The Great Cloud Migration

New ways of working driven by users during 2020 are accelerating the shift to the cloud and highlighting the eventual winners, writes Scott Field, Head of International Product at Duck Creek Technologies

The cloud and its benefits are much the same as they were 12 months ago. Sure, technology continues to advance exponentially, but a far bigger recent change has been the transformation of people’s perceptions and priorities, caused by the adjustment of the insurance industry, and the entire economy, to cope with the Coronavirus pandemic.

Months of remote working, virtual meetings, electronic placement and trading, together with constant reliance on cloud data and software architecture, have undermined commercial lines insurers’ perceived reliance on physical systems and servers just as surely as companies are questioning their needs for office space and real estate. I think we are possibly witnessing a new era of the cloud and the emergence of a new set of leaders who have embraced internet communications providers such as AWS, Azure, Zoom, or Teams, and driven them to evolve their features and functions during last year.

Dispelling suspicions 

It has only been a few years since any article about cloud adoption almost invariably focused on a trade-off of various perceived pros and cons which were entirely predictable: speed, cost, and efficiency-related savings leading the positives; cyber risks and business continuity concerns on the other side. It has been tough to dispel such suspicions in previous years, however secure the technology and however great the cloud’s benefits. It has taken the pandemic to change the balance in many minds. With the perspective of the pandemic, the cloud is seen as a source of resilience – rather than a threat to it.
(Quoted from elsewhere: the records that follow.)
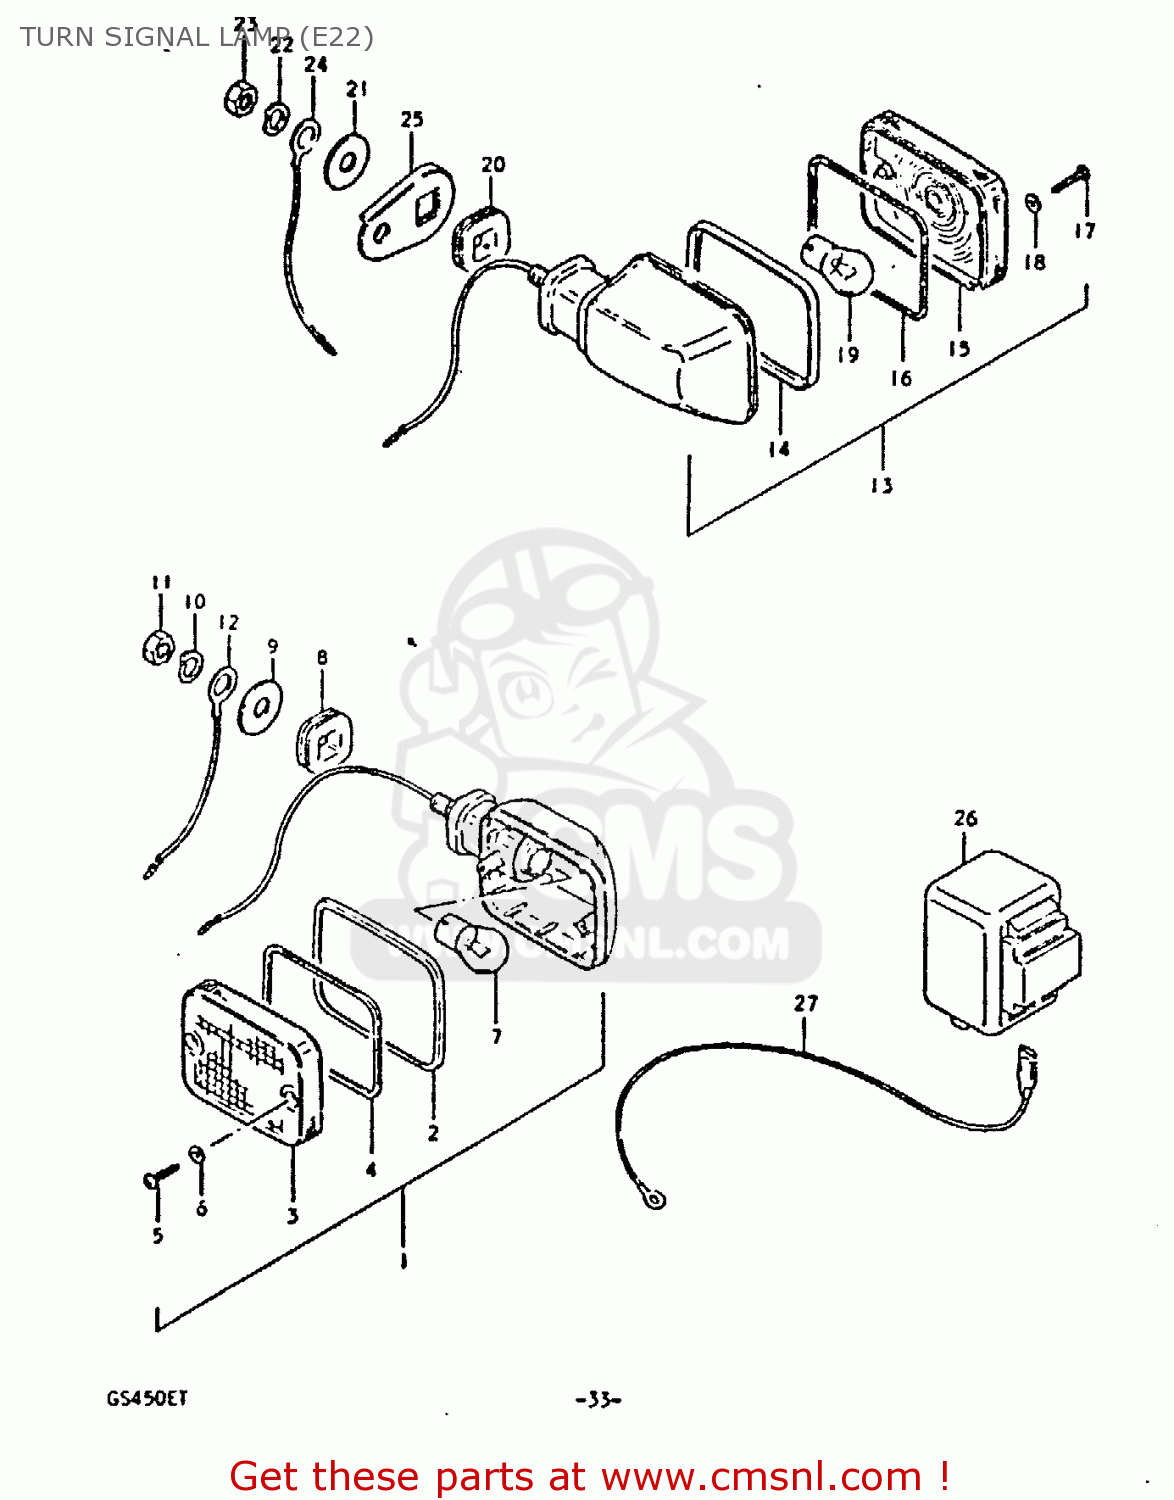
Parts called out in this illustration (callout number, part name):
1	LAMP ASSY, FRONT TURN SIGNAL
2	RIM
3	LENS
4	GASKET (NAS)
5	SCREW
6	GASKET (NAS)
7	BULB(12V21W)
8	CUSHION
9	WASHER (10.5X30X2.3)
10	LOCK WASHER
11	NUT
12	LEAD WIRE,EARTH
13	LAMP ASSY, REAR TURN SIGNAL
14	RIM
15	LENS
16	GASKET (NAS)
17	SCREW
18	GASKET
19	BULB(12V21W)
20	CUSHION
21	WASHER (10.5X30X2.3)
22	LOCK WASHER
23	NUT
24	LEAD WIRE,EARTH
25	BRACKET,RR TURN SIGNAL LAMP
26	RELAY, TURN SIGNAL
27	LEAD WIRE, RELAY EARTH

The insurance market traditionally relies on ecosystems built among capacity providers, intermediaries, and service providers. Luckily, while placing a risk in person at Lloyd’s is not possible during a lockdown, the cloud relies on ecosystems to succeed, providing access to all the interrelated services and applications needed to conduct business – albeit from a laptop remotely, rather than in an underwriting room.

A permanent shift

Nor is the shift a temporary sticking plaster. After 2020’s forced migration, the cloud’s accelerated adoption is set to continue. Forrester Research has recently upped its forecast for 2021, estimating that the global public cloud infrastructure market will grow 35% to reach $120bn this year. Insurers should view the cloud as an evergreen technology that will continue to deliver, whatever the season. With fears of startup disruptors and intense competition making product innovation, development, and time to market vital factors, the cloud offers the only efficient option for an ecosystem that is fast and efficient enough to deliver.

Momentum is inevitable, and so too are the winners emerging that will gain the scale and capital to become the heartbeats for innovation and really chart the course of evergreen technology.